By working with this dataset, analysts can learn:
- How star schemas are modeled in analytics projects.
- How to trace data lineage from customer to product to sale.
- How to clean, filter, and join real-world imperfect data.
- Why documentation and metadata design matter as much as visuals.
I know this might seem like an area that’s easy to overlook, but I made sure to include proper naming conventions to show analysts just how critical this is to a healthy database.
Out in the real world (believe it or not), there are fully functioning businesses with god-awful naming conventions — or no process at all.
What does that mean?
It means garbage data eventually piles up in the system, especially if no one’s maintaining it.
And you know what garbage data does?
It makes things harder for analysts — like when you have five versions of the same product, all still active, all with different names, and each with its own pricing and sales history.
So what do we analysts hate? Let’s all say it together: GARBAGE DATA.
That’s when you find yourself in full-on “WTF” mode — retracing logs, comparing timestamps, and trying to figure out which item actually belongs in your report.
Sorry, I had some traumatic flashbacks and my coffee is just kicking in 😂
Alas, tangent done.
Closing Thoughts
I started The King’s Pantry because I wanted to challenge myself to see if I could create a fully functioning dataset from scratch that feels real. Somewhere along the way, it turned into a teaching tool — not just for others, but for me too.
Building this dataset reminded me that data modeling is both art and architecture — creative, detailed, and deeply human.
I also found myself reflecting on the sheer complexity of building even a simulated dataset. Between balancing relationships, crafting believable hierarchies, and maintaining business logic across every table, it gave me a whole new level of respect for the datasets we take for granted — like AdventureWorks or Northwind.
Those projects were built by full teams; The King’s Pantry was built by one analyst — and, well, a very helpful AI wizard 🧙♂️. It reminded me how much thought, iteration, and testing goes into bringing a fictional world to life with data.
I may not have the resources of a Microsoft dev team, but what I do have is the curiosity and creativity to simulate the process, piece by piece.
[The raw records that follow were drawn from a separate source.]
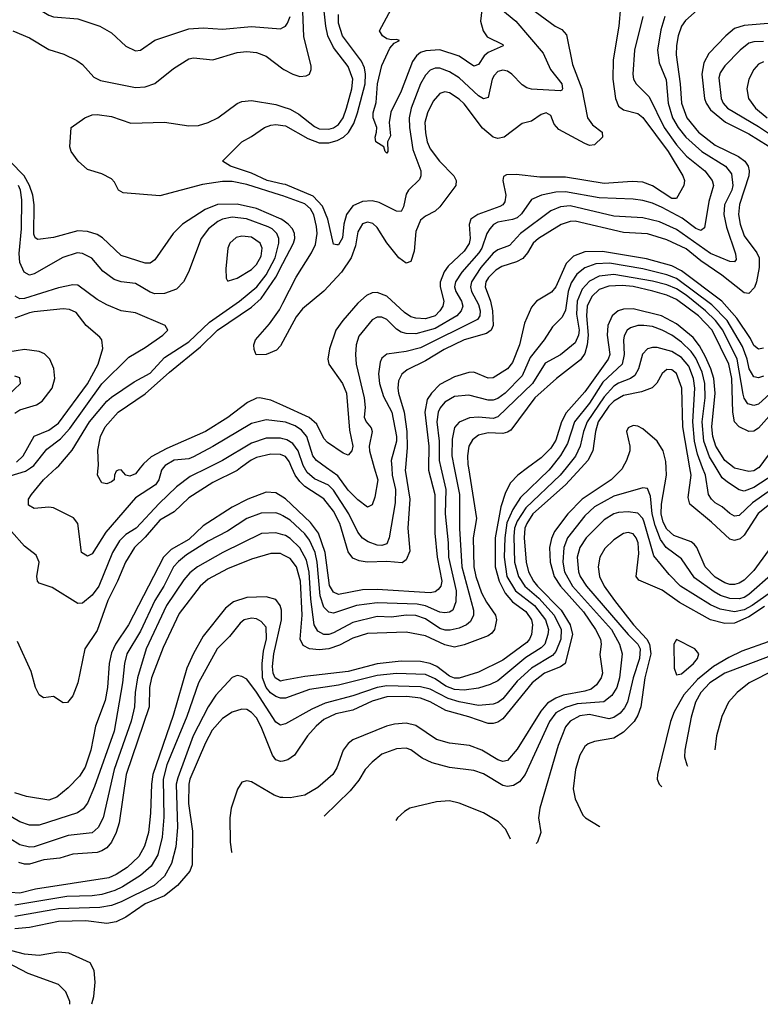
# Model space of a CAD drawing. Header units: inches. Extents: x 990535 to 1117859, y 769386 to 892122.
# Tile 388 of 656: x 1088910 to 1091977, y 777778 to 781856. Entities that reach past the tile are written whole.
import ezdxf

# ---------------------------------------------------------------- set-up
doc = ezdxf.new("R2010")
doc.units = ezdxf.units.IN
doc.header["$MEASUREMENT"] = 0
for name, color, linetype in [('B0787', 7, 'Continuous'), ('B0788', 7, 'Continuous'), ('B0797', 7, 'Continuous'), ('B0798', 7, 'Continuous')]:
    doc.layers.add(name, color=color, linetype=linetype)

msp = doc.modelspace()

# ---------------------------------------------------------------- linework, layer by layer
at = {"layer": 'B0787', "color": 5}
for points, elevation in [([(1088870, 779967.3), (1088933.9, 779986.1), (1088954.1, 780000)], 2860), ([(1089689.3, 780000), (1089616.1, 779963.9), (1089559.2, 779920.8), (1089487.6, 779852.4), (1089392, 779750), (1089350, 779723.9), (1089322.7, 779697.3), (1089294.3, 779650), (1089237.2, 779510), (1089210, 779472.9), (1089170, 779439), (1089150, 779438.3), (1089044.1, 779504.1), (1088990, 779522.8), (1088983.2, 779530), (1088980.6, 779550), (1088989.9, 779610), (1088978.5, 779638.5), (1088930, 779675.2), (1088875.9, 779735.9)], 2860), ([(1089824.6, 780000), (1089810, 779989.2), (1089710, 779939.1), (1089610, 779876.3), (1089550, 779817.9), (1089490, 779783.1), (1089430, 779713.4), (1089384.6, 779670), (1089347.4, 779610), (1089314.8, 779530), (1089274.5, 779450), (1089230, 779326.3), (1089179.6, 779250), (1089150, 779109.6), (1089130, 779055.4), (1089107.8, 779027.8), (1089090, 779027.4), (1089050, 779053.5), (1089007.8, 779047.8), (1088990, 779060.5), (1088975, 779090), (1088957.2, 779157.2), (1088900.5, 779280.5)], 2880), ([(1089504.6, 780000), (1089497.5, 779990), (1089486.5, 779950), (1089472.2, 779930), (1089390, 779875.8), (1089266.4, 779733.6), (1089210, 779644.5), (1089190, 779633.7), (1089165.7, 779650), (1089150, 779769.2), (1089132.6, 779792.6), (1089050, 779833.8), (1089030, 779837.1), (1088970, 779831), (1088945.9, 779845.9), (1088946, 779870), (1088958.9, 779890), (1089008.7, 779950), (1089062.3, 780000)], 2840), ([(1089409.2, 780000), (1089390, 779975.6), (1089365.7, 779965.7), (1089349.7, 779969.7), (1089330, 779991.9), (1089318, 779990), (1089310, 779986), (1089302, 779970), (1089300.5, 779950), (1089290, 779941.6), (1089270, 779933.6), (1089250, 779938.4), (1089232.4, 779970), (1089235, 780000)], 2820), ([(1090000, 779878.1), (1089970, 779896.9), (1089930, 779899.9), (1089854.5, 779870), (1089790, 779837.5), (1089670, 779760.1), (1089610, 779703.8), (1089537.5, 779662.5), (1089504.8, 779630), (1089360.1, 779350), (1089306.3, 779270), (1089290, 779234), (1089280.2, 779190), (1089273, 779090), (1089264, 779036), (1089224.2, 778930), (1089203.9, 778830), (1089180.3, 778759.7), (1089156.8, 778723.2), (1089110, 778674), (1089064.2, 778635.8), (1089030, 778623.6), (1088938.5, 778638.5), (1088890, 778654.1)], 2920), ([(1090000, 779800.7), (1089990, 779806.7), (1089970, 779813.2), (1089910, 779812.7), (1089850, 779790.7), (1089770, 779737.6), (1089690, 779696.3), (1089600.8, 779639.2), (1089567.3, 779612.7), (1089547.2, 779590), (1089507, 779510), (1089469.8, 779450), (1089410, 779323.6), (1089353.8, 779230), (1089344.1, 779190), (1089335.7, 779110), (1089300.4, 778910), (1089220.1, 778679.9), (1089190, 778611.6), (1089172.5, 778587.5), (1089148.9, 778571.1), (1088990, 778520.6), (1088950, 778519.7), (1088910, 778533.9), (1088850, 778570.3)], 2940), ([(1090000, 779722.4), (1089970, 779731.1), (1089911.6, 779728.4), (1089751.6, 779650), (1089645.6, 779590), (1089615, 779565), (1089590, 779536.4), (1089517.4, 779430), (1089434.2, 779250), (1089398.3, 779130), (1089387.6, 779070), (1089384.6, 779010), (1089371.3, 778951.3), (1089301.2, 778750), (1089254.9, 778550), (1089235.1, 778510), (1089210, 778488.9), (1089110, 778477.2), (1088970, 778430.7), (1088950, 778429.2), (1088910, 778438.5), (1088870, 778463.5)], 2960), ([(1090000, 779640), (1089990, 779645.3), (1089950, 779645), (1089870, 779622), (1089770, 779581.9), (1089690, 779538.5), (1089657.2, 779510), (1089570, 779396.5), (1089504.1, 779255.9), (1089455.5, 779130), (1089447.5, 779090), (1089445.6, 779010), (1089350.1, 778730), (1089321.4, 778530), (1089309.4, 778490), (1089289.3, 778450), (1089270, 778426.7), (1089250, 778413.7), (1089230, 778407.4), (1089130, 778399.8), (1089076.4, 778383.6), (1089010, 778376), (1088950, 778358.7), (1088930, 778358.6), (1088905.6, 778365.6)], 2980), ([(1090000, 779118.6), (1089990, 779116.7), (1089967.7, 779130), (1089960.1, 779150), (1089957.1, 779177.1), (1089962.2, 779230), (1089994.6, 779370), (1089993.9, 779410), (1089988.7, 779430), (1089970, 779454.2), (1089930, 779466.2), (1089850, 779462.7), (1089794.9, 779445.1), (1089761.7, 779418.3), (1089670, 779302.5), (1089630, 779231.7), (1089601.8, 779170), (1089545.8, 778974.2), (1089461.3, 778730), (1089455, 778690), (1089451.2, 778570), (1089442.8, 778490), (1089426.8, 778433.2), (1089402.9, 778390), (1089355.5, 778344.5), (1089310, 778315.1), (1089278.6, 778301.4), (1088975.3, 778255.3), (1088910, 778239), (1088870, 778241)], 3020), ([(1090000, 779046.4), (1089990, 779046.2), (1089970, 779053.1), (1089948.1, 779068.1), (1089930, 779090.9), (1089915.8, 779130), (1089913.9, 779190), (1089919.6, 779240.4), (1089931.5, 779291.5), (1089930, 779339.7), (1089910, 779364), (1089890, 779374.7), (1089870, 779378), (1089839.6, 779370), (1089822.7, 779357.3), (1089778.1, 779301.9), (1089727.3, 779250), (1089650, 779109.8), (1089602.4, 778970), (1089519.5, 778770), (1089504.2, 778710), (1089506.2, 778553.8), (1089500.1, 778470), (1089482.5, 778397.5), (1089454.9, 778350), (1089410, 778311.7), (1089335.1, 778264.9), (1089304, 778250), (1089250, 778233.4), (1089210, 778227.2), (1089104.7, 778224.7), (1088890, 778189.2)], 3040), ([(1090000, 778937.4), (1089990, 778934.9), (1089970, 778946.9), (1089890, 779070.9), (1089850, 779124.2), (1089830, 779136.2), (1089810, 779139.6), (1089790, 779131.2), (1089721.9, 779058.1), (1089690, 779009.9), (1089628.5, 778890), (1089564, 778716), (1089558.3, 778690), (1089562.8, 778510), (1089555.9, 778430), (1089538.9, 778361.1), (1089510, 778308.8), (1089466.9, 778270), (1089330, 778202.1), (1089290, 778187.9), (1089241.4, 778178.6), (1089070, 778173.3), (1088890, 778141.2)], 3060), ([(1090000, 778785.5), (1089990, 778783.3), (1089970, 778791.1), (1089956.3, 778810), (1089910, 778927.8), (1089890, 778964.2), (1089870, 778987.3), (1089850, 778998.5), (1089830, 779000.5), (1089790, 778988.6), (1089750, 778961.3), (1089706.8, 778913.2), (1089679.5, 778860.5), (1089614.7, 778710), (1089609.8, 778690), (1089609.2, 778610), (1089624.8, 778495.2), (1089623.7, 778356.3), (1089614.1, 778330), (1089563.9, 778270), (1089510, 778227.8), (1089430, 778193.8), (1089350, 778138.7), (1089310, 778119.2), (1089270, 778112.9), (1089183.6, 778123.6), (1089070, 778121.4), (1088950, 778096.4), (1088890, 778091.2)], 3080), ([(1090000, 778634), (1089990, 778634.4), (1089963.8, 778643.8), (1089870, 778699.4), (1089850, 778703.9), (1089830, 778698), (1089811.1, 778668.9), (1089785.1, 778590), (1089779.5, 778550), (1089781, 778450), (1089787.1, 778410), (1089788.4, 778407.5)], 3120), ([(1089208.2, 777780.4), (1089216.7, 777810), (1089222.9, 777870), (1089218.2, 777918.2), (1089202, 777950), (1089112.8, 777990), (1089070, 777993.7), (1088990, 777979.6), (1088930, 777986.4), (1088830, 778011.6)], 3120), ([(1089117.7, 777778.1), (1089117.8, 777790), (1089101.2, 777830), (1089070, 777860.7), (1088945, 777905), (1088800.7, 777980.7)], 3140)]:
    msp.add_lwpolyline(points, dxfattribs=dict(at, elevation=elevation))
at = {"layer": 'B0788', "color": 5}
for points, elevation in [([(1088854, 782010), (1088973, 781910), (1089030, 781874.3), (1089050, 781868.1), (1089150, 781860.1), (1089241.6, 781830), (1089290, 781802.3), (1089350, 781746), (1089390, 781727.9), (1089410, 781730.3), (1089470, 781770.9), (1089610, 781818.7), (1089670, 781822.2), (1089750, 781816.9), (1089870, 781828.6), (1089990, 781819), (1090000, 781824.1)], 2840), ([(1088880.9, 781810), (1088950, 781781.7), (1089030, 781733.4), (1089092.8, 781712.8), (1089146.6, 781686.6), (1089170.3, 781670), (1089217.5, 781617.5), (1089244.4, 781604.4), (1089390, 781575.7), (1089430, 781577.9), (1089470, 781592.4), (1089546.3, 781653.7), (1089610, 781694.5), (1089630, 781698.6), (1089710, 781689.4), (1089810, 781720.1), (1089850, 781724.3), (1089890, 781720.1), (1089930, 781705.3), (1090000, 781652.8)], 2820), ([(1090000, 781126.1), (1089990, 781129.7), (1089850, 781173.9), (1089790, 781186.5), (1089750, 781186.7), (1089666.4, 781173.6), (1089490, 781127.2), (1089338.7, 781138.7), (1089318.8, 781150), (1089303, 781183), (1089290, 781197.3), (1089250, 781218.2), (1089190, 781235.8), (1089151.3, 781270), (1089123.6, 781310), (1089118, 781330), (1089122.7, 781410), (1089179.6, 781450), (1089210, 781461.8), (1089230, 781463.5), (1089290, 781455.7), (1089370, 781428.3), (1089510, 781432.4), (1089610, 781416.6), (1089650, 781418.2), (1089690, 781430.5), (1089730, 781449.7), (1089810, 781508.6), (1089830, 781517.1), (1089870, 781521), (1089970, 781505.2), (1090000, 781495.5)], 2780), ([(1090000, 781175.4), (1089935.3, 781190), (1089870, 781220.8), (1089782.7, 781250), (1089749.6, 781270), (1089829.2, 781350), (1089870, 781372), (1089924.2, 781410), (1089950, 781419.8), (1089970, 781422.5), (1090000, 781417.9)], 2760), ([(1090000, 781025.3), (1089993.3, 781030), (1089890, 781074.4), (1089810, 781092.5), (1089729.4, 781090.6), (1089677.2, 781070), (1089583.9, 781010), (1089544.8, 780970), (1089470, 780861), (1089450, 780847.8), (1089430, 780848.2), (1089330, 780879.5), (1089252.9, 780952.9), (1089230, 780966.2), (1089190, 780979.1), (1089150, 780981.6), (1089050, 780954.5), (1088985.2, 780945.2), (1088973.2, 780953.2), (1088968, 780968), (1088969.4, 781090), (1088963.7, 781130), (1088950.9, 781170), (1088927.7, 781210), (1088870, 781268.5)], 2820), ([(1089062.3, 780000), (1089071.5, 780008.5), (1089127.1, 780072.9), (1089199.3, 780190), (1089270, 780275.6), (1089290, 780293.3), (1089384.3, 780355.7), (1089450, 780391.7), (1089510, 780457.5), (1089610, 780522.2), (1089696.1, 780603.9), (1089820.1, 780690), (1089891.3, 780750), (1089930, 780799.2), (1089967.2, 780870), (1089982.6, 780930), (1089982.5, 780950), (1089975.1, 780970), (1089954.8, 780990), (1089938.5, 780998.5), (1089848.5, 781031.5), (1089790, 781037.8), (1089750, 781030.7), (1089730, 781020.9), (1089691.5, 780990), (1089660.8, 780950), (1089608.7, 780810), (1089587.9, 780770), (1089559.7, 780740.3), (1089510, 780722.1), (1089470, 780721.2), (1089450, 780728.3), (1089390, 780763.4), (1089330, 780770.4), (1089300.8, 780780.8), (1089254.1, 780814.1), (1089208.1, 780868.1), (1089170, 780888.4), (1089148.2, 780890), (1089089.1, 780870.9), (1088970, 780803.2), (1088950, 780798.2), (1088928.4, 780810), (1088909.9, 780850), (1088907.3, 780887.3), (1088917.3, 780990), (1088919, 781110), (1088912.8, 781150), (1088904.4, 781170)], 2840), ([(1089235, 780000), (1089235.8, 780010), (1089232.7, 780072.7), (1089244.4, 780130), (1089264.4, 780170), (1089317.7, 780230), (1089430, 780305.9), (1089530, 780396.7), (1089659.1, 780500.9), (1089729.2, 780570.8), (1089870, 780665.2), (1089910, 780701), (1089971, 780790), (1090000, 780845.9)], 2820), ([(1088954.1, 780000), (1088968.7, 780010), (1089022.6, 780077.4), (1089079.2, 780120.8), (1089117.5, 780162.5), (1089250, 780347.8), (1089361.6, 780458.4), (1089430, 780498.4), (1089503.1, 780550), (1089522.9, 780570), (1089512.7, 780590), (1089390, 780642.3), (1089330, 780649.8), (1089270, 780675.5), (1089230, 780697.4), (1089150, 780756), (1089130, 780758.4), (1089070, 780746.3), (1088930, 780701.1), (1088910, 780699.4), (1088891.3, 780711.3)], 2860), ([(1088895.9, 780024.1), (1088924.1, 780050), (1088969.1, 780130.9), (1089030, 780156.3), (1089070, 780185.5), (1089190, 780347.5), (1089235.4, 780430), (1089254.1, 780494.1), (1089249.9, 780529.9), (1089241.7, 780541.7), (1089185, 780590), (1089143, 780643), (1089116.2, 780656.2), (1089090, 780658), (1088970, 780646.2), (1088950, 780642.7), (1088890, 780619.6)], 2880), ([(1090000, 780523.6), (1089990, 780505.1), (1089973.2, 780486.8), (1089930, 780469.7), (1089888.5, 780468.5), (1089880.7, 780490), (1089879.6, 780510), (1089886.3, 780530), (1089943.9, 780596.1), (1089986.1, 780653.9), (1090000, 780681.6)], 2780), ([(1088890, 780226.5), (1088910, 780240.3), (1088979.1, 780260.9), (1089003.3, 780276.7), (1089043.8, 780330), (1089055.4, 780370), (1089051.3, 780411.3), (1089034.2, 780450), (1089012.4, 780472.4), (1088990, 780482.4), (1088930, 780489.6), (1088790, 780467.5)], 2920), ([(1088860, 780300), (1088913.6, 780350), (1088910, 780373), (1088890, 780379.7)], 2940), ([(1090000, 780258), (1089950, 780281), (1089902.8, 780290), (1089890, 780288.5), (1089853.2, 780270), (1089771.7, 780208.3), (1089679, 780150), (1089519.7, 780080.3), (1089454.1, 780045.9), (1089422.8, 780017.2), (1089409.2, 780000)], 2820), ([(1090000, 780190.5), (1089930, 780199.3), (1089870, 780183.8), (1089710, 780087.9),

And honestly, I’m proud of that. And it’s so much fun (sorry not sorry for being a nerd)!
one final reflection thought, i promise
If I’ve learned anything from this project, it’s that data modeling can be as personal as it is technical. Every column tells a story, every join reflects a relationship — and somewhere between the tables and constraints, I found pieces of my own journey stitched quietly into the schema.
Until next time,
Ardonna •ᴗ•
author’s note
Hi, I’m Ardonna Cardines — a data analyst and creator of Mercury Musings, where business meets imagination through data. I love blending analytics, design, and storytelling to make learning data modeling and visualization approachable — one creative dataset at a time.